WORK ITEM: Search the data for the string "picture" and gather each line it is in.

Data records
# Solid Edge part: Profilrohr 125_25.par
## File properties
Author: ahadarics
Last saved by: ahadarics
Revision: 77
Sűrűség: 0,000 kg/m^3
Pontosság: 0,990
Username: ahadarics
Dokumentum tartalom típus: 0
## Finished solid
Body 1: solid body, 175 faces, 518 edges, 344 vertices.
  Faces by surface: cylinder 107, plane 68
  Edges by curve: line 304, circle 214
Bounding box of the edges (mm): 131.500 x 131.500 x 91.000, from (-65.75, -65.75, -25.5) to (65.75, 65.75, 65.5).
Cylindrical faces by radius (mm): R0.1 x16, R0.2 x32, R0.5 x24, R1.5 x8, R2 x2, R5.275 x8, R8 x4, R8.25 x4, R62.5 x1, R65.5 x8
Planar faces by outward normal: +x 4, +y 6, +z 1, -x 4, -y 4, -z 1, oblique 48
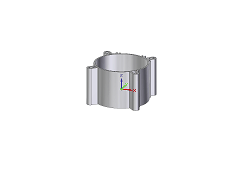
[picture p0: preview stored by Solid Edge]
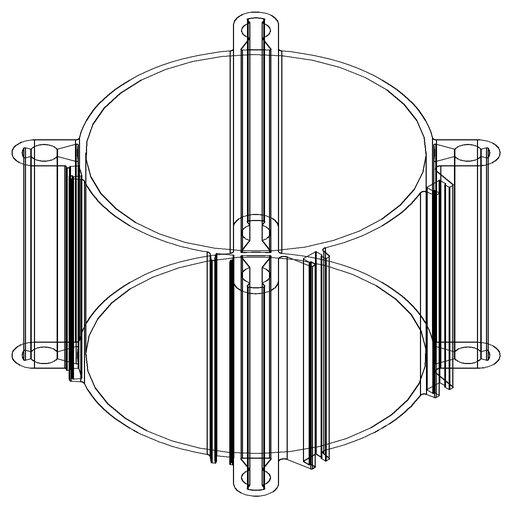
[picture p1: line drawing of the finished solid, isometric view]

TASK ANSWER:
[picture p0: preview stored by Solid Edge]
[picture p1: line drawing of the finished solid, isometric view]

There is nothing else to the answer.